■ Action item: Across the listing below, how many lines contain "name"? Answer with the number and nothing else.

■ Data shown:
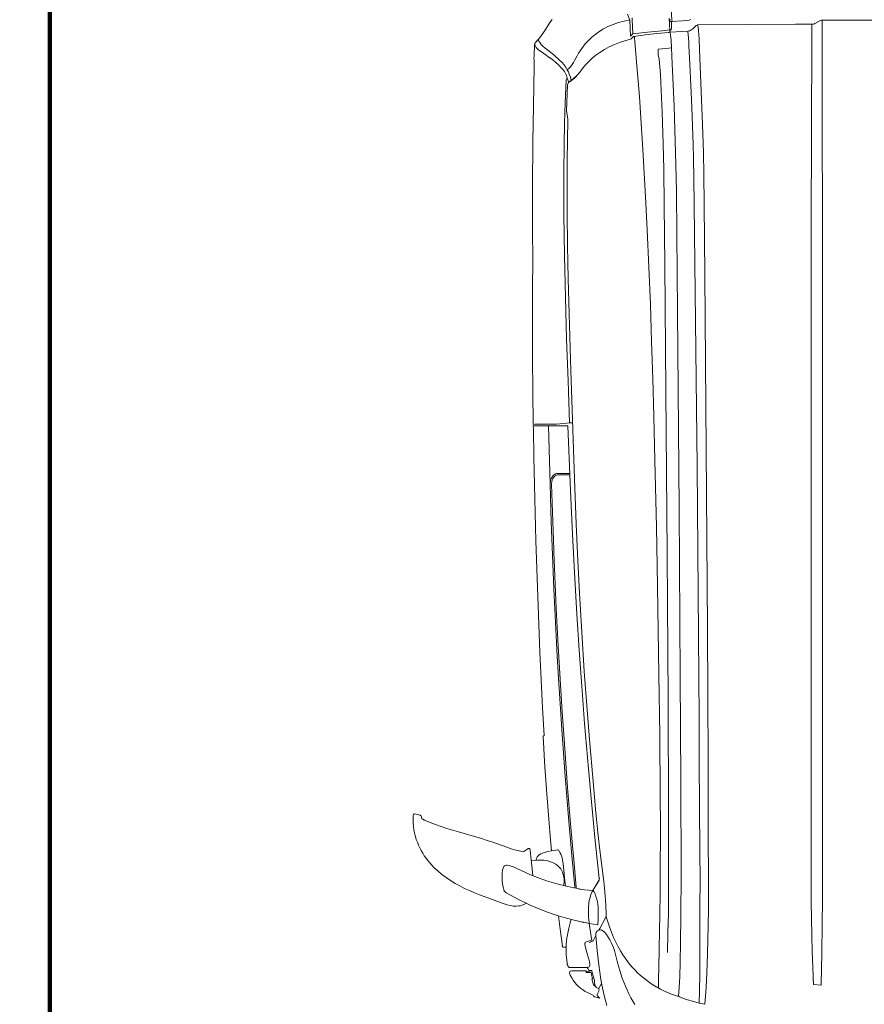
# Model space of a CAD drawing. Header units: millimetres. Extents: x 2204655785 to 2205143108, y 485765510 to 486291538.
# Tile 125 of 156: x 2205062696 to 2205064432, y 486172553 to 486174577. Entities that reach past the tile are written whole.
import ezdxf
from ezdxf.enums import TextEntityAlignment as Align
from ezdxf.lldxf.tags import DXFTag

# ---------------------------------------------------------------- set-up
doc = ezdxf.new("R2010")
doc.units = ezdxf.units.MM
doc.linetypes.add('DASHED2', pattern=[9.525, 6.35, -3.175])
doc.linetypes.add('НЕВИДИМАЯX2', pattern=[19.05, 12.7, -6.35])
for name, color, linetype in [('206ППР Панелевоз', 7, 'Continuous'), ('ППР_Автокран СКАТ-40', 7, 'Continuous'), ('ППР_Автокран_Опасная зона', 1, 'Continuous'), ('ППР_Автокран_Стрела', 7, 'Continuous'), ('ППР_Автокран_Стрела_15м', 7, 'Continuous'), ('ППР_Дороги рабочие', 30, 'Continuous'), ('ППР_Опасная зона от крана', 1, 'Continuous'), ('ППР_Разрез', 5, 'Continuous'), ('ППР_СКЛАД №2', 7, 'Continuous'), ('ППР_Стрела', 7, 'Continuous')]:
    doc.layers.add(name, color=color, linetype=linetype)
doc.styles.add('ППРк_М1-1', font='GOST_Common Italic.ttf', dxfattribs={"height": 800})
doc.styles.add('ППРк_М1-1кран', font='GOST_Common Italic.ttf', dxfattribs={"width": 0.8, "height": 600})
tags = doc.linetypes.add('опасная зона_Кран', pattern='A,30,-8,4,-8,30,-8,4,-8,30,-8,4,[230,Bbox.shx,S=2.5,R=0,X=0,Y=-10],-6', length=148).pattern_tags.tags
tags[24] = DXFTag(74, 5)

# ---------------------------------------------------------------- blocks, each defined once
blk = doc.blocks.new('*U397')
at = {"layer": 'ППР_Опасная зона от крана', "linetype": 'опасная зона_Кран', "lineweight": 80, "ltscale": 100}
blk.add_arc((135, 0), 50270, 90, 270, dxfattribs=at)
at = {"layer": 'ППР_Стрела', "linetype": 'НЕВИДИМАЯX2', "lineweight": 50, "ltscale": 100}
blk.add_arc((135, 0), 38700, 90, 270, dxfattribs=at)
at = {"layer": 'ППР_Стрела', "linetype": 'Continuous', "lineweight": 100}
blk.add_arc((135, 0), 30700, 90, 270, dxfattribs=at)
at = {"style": 'ППРк_М1-1', "width": 0.8}
for tag, p, height, flags in [('ОПАСНАЯ_ЗОНА', (25480.86, 21929.55), 800, 1), ('ОТЛЕТ_ГРУЗА', (25413.72, 20678.22), 800, 1), ('Кол-во_элементов', (2695.66, -1978.25), 1200, 8)]:
    blk.add_attdef(tag, p, '', height=height, dxfattribs=dict(at, flags=flags))
at = {"style": 'ППРк_М1-1', "width": 0.8, "flags": 8}
blk.add_attdef('МАРКА_КРАНА', text='', height=1200, dxfattribs=at).set_placement((8837.5, 818.17), align=Align.CENTER)
blk.add_attdef('ВЫСОТА', text='', height=1200, dxfattribs=at).set_placement((9134.89, -8454.02), align=Align.MIDDLE_CENTER)
at = {"layer": 'Defpoints', "style": 'ППРк_М1-1', "width": 0.8, "flags": 1}
for tag, p in [('МАКСИМАЛЬНАЯ_ДЛИНА_ГРУЗА', (25470.43, 19233.22)), ('ШИРИНА_ГРУЗА', (25397.01, 17803.51))]:
    blk.add_attdef(tag, p, '', height=800, dxfattribs=at)
at = {"layer": 'ППР_Разрез', "style": 'ППРк_М1-1кран', "width": 0.8, "flags": 8}
for tag, p in [('РАЗРЕЗ2', (-1027.85, 55181.17)), ('РАЗРЕЗ', (-1731.87, -54129.29))]:
    blk.add_attdef(tag, p, '', height=800, dxfattribs=at)
at = {"layer": 'ППР_Стрела', "style": 'ППРк_М1-1кран', "width": 0.8, "flags": 8}
for tag, p in [('ВЫСОТА_КРЮКА_ГОРИЗ', (-19652.89, 21607.87)), ('ГАБАРИТ_СТРЕЛЫ', (-25019.84, 21408.72)), ('ВЫСОТА_КРЮКА_НАКЛ', (-20393.31, 20761.66)), ('ВЫЛЕТ', (-16616.63, 14016.8))]:
    blk.add_attdef(tag, p, '', height=800, rotation=317, dxfattribs=at)
blk = doc.blocks.new('*U778')
at = {"layer": 'ППР_Автокран_Опасная зона', "color": 1, "linetype": 'опасная зона_Кран', "lineweight": 80, "ltscale": 100}
blk.add_arc((-3.65, 4.56), 29000, 319.788537, 219.788112, dxfattribs=at)
at = {"layer": 'ППР_Автокран_Стрела', "lineweight": 50}
blk.add_arc((-3.65, 4.56), 18000, 319.786841, 219.78643, dxfattribs=at)
at = {"layer": 'ППР_Автокран_Стрела_15м', "linetype": 'DASHED2', "lineweight": 35}
blk.add_arc((0.22, 1.42), 15000, 319.786203, 219.767437, dxfattribs=at)
blk = doc.blocks.new('*U789')
at = {"layer": '206ППР Панелевоз', "lineweight": 5}
for p, q in [((36.7, 771.2), (36.7, 2136.3)), ((36.8, 769.9), (36.7, 771.2)), ((36.7, 771.2), (36.7, 771.2)), ((36.7, 771.2), (36.9, 769.5)), ((62.7, 771.2), (36.7, 771.2)), ((36.7, 771.2), (36.7, 771.2)), ((37.4, 768.2), (36.8, 769.9)), ((36.9, 769.5), (37.4, 768.2)), ((144.3, 771.2), (62.7, 771.2)), ((247.9, 771.7), (144.3, 771.2)), ((303.6, 771.7), (247.9, 771.7)), ((397, 772), (303.6, 771.7)), ((477.3, 772.1), (397, 772)), ((791.9, 772), (477.3, 772.1)), ((1648.3, 772.2), (791.9, 772)), ((1843.8, 772), (1648.3, 772.2)), ((1895.7, 771.7), (1843.8, 772)), ((1954.3, 771), (1895.7, 771.7)), ((2018.6, 769.6), (1954.3, 771)), ((2020.3, 769.6), (2018.6, 769.6)), ((2018.6, 769.6), (2018.6, 769.6)), ((2019.2, 753.4), (2020.3, 769.6)), ((43.9, 756.3), (37.4, 768.2)), ((37.4, 768.2), (43.9, 756.3)), ((44.4, 755.5), (43.9, 756.3)), ((43.9, 756.3), (44, 756.3)), ((44, 756.3), (43.9, 756.3)), ((43.9, 756.3), (44, 756.3)), ((44, 756.3), (45, 753.7)), ((45.2, 752.8), (44.4, 755.5)), ((45, 753.7), (45.5, 751)), ((45.5, 750), (45.2, 752.8)), ((45.5, 751), (45.5, 750)), ((45.5, 750), (112.9, 750.2)), ((45.5, 716.5), (45.5, 750)), ((112.9, 750.2), (224.6, 749.6)), ((224.6, 749.6), (274.5, 749.2)), ((274.5, 749.2), (323.5, 749.4)), ((323.5, 749.4), (402.3, 748.8)), ((402.3, 748.8), (794, 749.1)), ((794, 749.1), (1356.9, 748.7)), ((1670.3, 748.5), (1777.3, 748.8)), ((1777.3, 748.8), (1849, 749)), ((1849, 749), (1918.3, 750)), ((1918.3, 750), (1951.3, 750.7)), ((1951.3, 750.7), (1983.3, 752)), ((1983.3, 752), (2002.8, 752.9)), ((2002.8, 752.9), (2011.7, 753.2)), ((2011.7, 753.2), (2011.7, 753.4)), ((2011.7, 753.4), (2011.7, 753.4)), ((2011.7, 753.4), (2019.2, 753.4)), ((1356.9, 748.7), (1582, 748.6)), ((1582, 748.6), (1670.3, 748.5)), ((45.9, 616), (45.5, 716.5)), ((46.8, 515.5), (45.9, 616)), ((309.4, 527.2), (251.4, 525.4)), ((353.4, 528.2), (309.4, 527.2)), ((415.8, 529), (353.4, 528.2)), ((559.6, 530.3), (415.8, 529)), ((415.8, 529), (415.8, 529)), ((918.8, 533.3), (559.6, 530.3)), ((1286.9, 535.8), (918.8, 533.3)), ((1561.1, 537.2), (1286.9, 535.8)), ((1649.3, 537.4), (1561.1, 537.2)), ((1561.1, 537.2), (1561.1, 537.2)), ((1864.8, 537.5), (1649.3, 537.4)), ((1897.7, 537.2), (1864.8, 537.5)), ((1956.1, 535.9), (1897.7, 537.2)), ((1995.7, 534.6), (1956.1, 535.9)), ((2024.1, 533.2), (1995.7, 534.6)), ((2042.4, 531.9), (2024.1, 533.2)), ((2059.6, 530.3), (2042.4, 531.9)), ((2057, 518.4), (2059.6, 530.3)), ((47.7, 515.7), (46.8, 515.5)), ((47.3, 514.4), (47.3, 515.4)), ((48, 512.6), (47.3, 514.4)), ((51.5, 516.4), (47.7, 515.7)), ((49.1, 511.1), (48, 512.6)), ((54.9, 505.3), (49.1, 511.1)), ((49.1, 511.1), (49.1, 511.1)), ((58.8, 517.2), (51.5, 516.4)), ((75.3, 518.5), (58.8, 517.2)), ((97.3, 519.5), (75.3, 518.5)), ((251.4, 525.4), (97.3, 519.5)), ((215.8, 503.8), (293.4, 506.4)), ((293.4, 506.4), (319.2, 507)), ((319.2, 507), (411.6, 508.6)), ((411.6, 508.6), (416.8, 508.6)), ((416.8, 508.6), (655.3, 511.3)), ((416.8, 508.6), (416.8, 508.6)), ((655.3, 511.3), (953.5, 514.2)), ((953.5, 514.2), (1300.4, 517.1)), ((1300.4, 517.1), (1473, 518.3)), ((1473, 518.3), (1558.9, 518.8)), ((1558.9, 518.8), (1746.3, 520.2)), ((1558.9, 518.8), (1558.9, 518.8)), ((1746.3, 520.2), (1804.1, 520.4)), ((1804.1, 520.4), (1860.2, 520)), ((1860.2, 520), (1860.2, 520)), ((1860.2, 520), (1889.6, 520)), ((1889.6, 520), (1939.6, 520.3)), ((1939.6, 520.3), (1978.5, 520.3)), ((1978.5, 520.3), (1990, 520.2)), ((1990, 520.2), (1990, 520.2)), ((1990, 520.2), (2039, 519.3)), ((2039, 519.3), (2050.8, 518.9)), ((2050.8, 518.9), (2057, 518.4)), ((2057, 518.4), (2053.5, 504.9)), ((37.1, 498.3), (35.8, 501.4)), ((37.6, 495), (37.1, 498.3)), ((39.9, 461.5), (37.6, 495)), ((56.4, 503.6), (54.9, 505.3)), ((54.9, 505.3), (54.9, 505.3)), ((57.6, 501.6), (56.4, 503.6)), ((58.6, 499.5), (57.6, 501.6)), ((59.2, 497.3), (58.6, 499.5)), ((59.6, 495), (59.2, 497.3)), ((59.6, 495), (73.7, 496.5)), ((61.8, 458.9), (59.6, 495)), ((73.7, 496.5), (82.6, 497.1)), ((82.6, 497.1), (90, 497.4)), ((90, 497.4), (127.3, 499.7)), ((127.3, 499.7), (171.2, 501.8)), ((171.2, 501.8), (215.8, 503.8)), ((2049, 490.2), (2044.9, 479.8)), ((2050.6, 494.8), (2049, 490.2)), ((2053.5, 504.9), (2050.6, 494.8)), ((213.6, 467), (126.6, 463.4)), ((285.6, 469.5), (213.6, 467)), ((333.8, 470.8), (285.6, 469.5)), ((388.9, 471.7), (333.8, 470.8)), ((476.7, 472.6), (388.9, 471.7)), ((714.9, 474.8), (476.7, 472.6)), ((1040.5, 477.4), (714.9, 474.8)), ((1385.8, 479.7), (1040.5, 477.4)), ((1600.8, 480.8), (1385.8, 479.7)), ((1794.3, 481.3), (1600.8, 480.8)), ((1876.7, 481.1), (1794.3, 481.3)), ((1933.4, 480.4), (1876.7, 481.1)), ((1973.3, 479.6), (1933.4, 480.4)), ((2002.2, 478.6), (1973.3, 479.6)), ((2025.4, 477.5), (2002.2, 478.6)), ((2043, 476.3), (2025.4, 477.5)), ((2039.3, 463.7), (2042.8, 474.2)), ((2042.7, 475.1), (2043, 476.3)), ((2042.8, 474.2), (2042.7, 475.1)), ((2042.8, 474.2), (2042.8, 474.2)), ((2043.8, 478), (2043, 476.3)), ((2044.4, 478.4), (2043.8, 478)), ((2044.9, 479.8), (2044.4, 478.3)), ((2044.4, 478.3), (2044.4, 478.4)), ((36.4, 462.6), (14.2, 461.4)), ((58, 458.1), (33.5, 456.8)), ((34.4, 458.2), (37.7, 458.6)), ((39.3, 463.1), (36.4, 462.6)), ((37.7, 458.6), (39.4, 459)), ((39.4, 462.3), (39.3, 463.1)), ((39.4, 459), (39.4, 462.3)), ((55.1, 461.5), (39.9, 461.5)), ((56.2, 461.3), (55.1, 461.5)), ((55.1, 461.5), (55.1, 461.5)), ((57.1, 460.6), (56.2, 461.3)), ((58.6, 442.9), (57, 458)), ((57.6, 459.6), (57.1, 460.6)), ((57.7, 458.2), (57.6, 459.6)), ((62.1, 459.1), (57.7, 458.2)), ((58.6, 458.2), (61.7, 459)), ((61.7, 459), (61.9, 456.5)), ((61.9, 456.5), (62.1, 456)), ((68, 459.9), (62.1, 459.1)), ((62.1, 456), (64.4, 431.7)), ((78.1, 460.9), (68, 459.9)), ((93.6, 461.9), (78.1, 460.9)), ((126.6, 463.4), (93.6, 461.9)), ((94.2, 456.4), (93.6, 461.9)), ((96.8, 434.4), (94.2, 456.4)), ((343.7, 445.7), (291.2, 444.5)), ((417.5, 446.9), (343.7, 445.7)), ((539.2, 448.1), (417.5, 446.9)), ((798.7, 450.4), (539.2, 448.1)), ((1133.9, 452.8), (798.7, 450.4)), ((1434.1, 454.7), (1133.9, 452.8)), ((1666.6, 455.7), (1434.1, 454.7)), ((1805.5, 455.9), (1666.6, 455.7)), ((1864.3, 455.7), (1805.5, 455.9)), ((1902.1, 455.1), (1864.3, 455.7)), ((1901.9, 454.4), (1902.1, 455.1)), ((1913, 454.2), (1901.9, 454.4)), ((1953.1, 453.4), (1913, 454.2)), ((2028.5, 439.4), (2033, 448.5)), ((2033, 448.5), (2037.3, 458.2)), ((2037.3, 458.2), (2039.3, 463.7)), ((2037.3, 458.2), (2037.3, 458.2)), ((61.6, 412.6), (58.6, 442.9)), ((64.4, 431.7), (67.2, 407.5)), ((108.3, 434.5), (96.8, 434.4)), ((117, 436.7), (108.3, 434.5)), ((148.8, 439.1), (117, 436.7)), ((165.6, 440), (148.8, 439.1)), ((226.2, 442.4), (165.6, 440)), ((291.2, 444.5), (226.2, 442.4)), ((850.6, 425.4), (774.1, 423.3)), ((941.9, 427.7), (850.6, 425.4)), ((1078.6, 430.8), (941.9, 427.7)), ((1200.1, 433.1), (1078.6, 430.8)), ((1381.8, 436), (1200.1, 433.1)), ((1506.5, 437.6), (1381.8, 436)), ((1630.4, 438.8), (1506.5, 437.6)), ((1691.9, 439), (1630.4, 438.8)), ((1713.2, 439), (1691.9, 439)), ((1776.5, 438.7), (1713.2, 439)), ((1832.9, 438.5), (1776.5, 438.7)), ((1873.6, 438.1), (1832.9, 438.5)), ((1944.6, 436.6), (1873.6, 438.1)), ((1964.8, 436.3), (1944.6, 436.6)), ((1964.6, 435.9), (1964.8, 436.3)), ((2026.1, 434.9), (1964.6, 435.9)), ((2023.5, 430.4), (2019.4, 423.5)), ((2023.6, 430.6), (2028.5, 439.4)), ((64.8, 382.3), (61.6, 412.6)), ((67.2, 407.5), (70.4, 383.4)), ((399.9, 408.6), (303.1, 403.1)), ((468, 412.1), (399.9, 408.6)), ((544.5, 415.5), (468, 412.1)), ((621, 418.4), (544.5, 415.5)), ((697.6, 421), (621, 418.4)), ((774.1, 423.3), (697.6, 421)), ((2010.3, 410.2), (2005.3, 403.9)), ((2014.9, 416.8), (2010.3, 410.2)), ((2019.4, 423.5), (2014.9, 416.8)), ((72.7, 385.6), (70.3, 385.4)), ((131, 390.8), (72.7, 385.6)), ((194, 395.8), (131, 390.8)), ((238.3, 398.9), (194, 395.8)), ((303.1, 403.1), (238.3, 398.9)), ((1981.6, 379.6), (1989, 386.4)), ((1994.7, 391.9), (1989, 386.2)), ((2000.1, 397.8), (1994.7, 391.9)), ((2005.3, 403.9), (2000.1, 397.8)), ((2059.8, 386.7), (2053, 382.4)), ((24.8, 371.2), (36.8, 376.1)), ((36.5, 381.2), (32.3, 380.9)), ((36.2, 375.9), (38.7, 364.4)), ((64.8, 382.3), (36.5, 381.2)), ((36.8, 376.1), (70.1, 377.4)), ((36.8, 376.1), (36.8, 376.1)), ((38.7, 364.4), (41.8, 353.1)), ((70.1, 377.4), (64.8, 382.3)), ((70.4, 383.4), (75.6, 378.6)), ((75.6, 378.6), (76.2, 377.3)), ((76.2, 377.3), (79.3, 366)), ((79.3, 366), (82.8, 355)), ((1958.2, 361.9), (1965.7, 367.1)), ((1965.7, 367.1), (1974.2, 373.5)), ((1974.2, 373.5), (1981.6, 379.6)), ((2022.1, 366.9), (2013.9, 363.7)), ((2030.2, 370.5), (2022.1, 366.9)), ((2038.2, 374.3), (2030.2, 370.5)), ((2046.1, 378.4), (2038.2, 374.3)), ((2053, 382.4), (2046.1, 378.4)), ((41.8, 353.1), (45.6, 341.9)), ((82.8, 355), (86.9, 344.3)), ((86.9, 344.3), (91.7, 333.9)), ((1922.5, 342.8), (1931.8, 347.1)), ((1931.8, 347.1), (1940, 351.3)), ((1940, 351.3), (1949.8, 356.8)), ((1949.1, 344.3), (1941.6, 341.6)), ((1976.1, 351.5), (1949.1, 344.3)), ((1949.8, 356.8), (1958.2, 361.9)), ((1990.2, 355.6), (1976.1, 351.5)), ((2005.6, 360.6), (1990.2, 355.6)), ((2013.9, 363.7), (2005.6, 360.6)), ((45.6, 341.9), (47.8, 336.5)), ((47.8, 336.5), (50.2, 331.1)), ((50.2, 331.1), (52.9, 325.8)), ((52.9, 325.8), (55.7, 320.7)), ((91.7, 333.9), (97.2, 323.8)), ((97.2, 323.8), (103.5, 314.2)), ((1806.9, 322.4), (1821.2, 324.1)), ((1821.2, 324.1), (1836.6, 325.5)), ((1836.6, 325.5), (1855.8, 326.6)), ((1855.8, 326.6), (1875.7, 327.5)), ((1875.7, 327.5), (1879.7, 327.8)), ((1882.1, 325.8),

■ Answer section: 2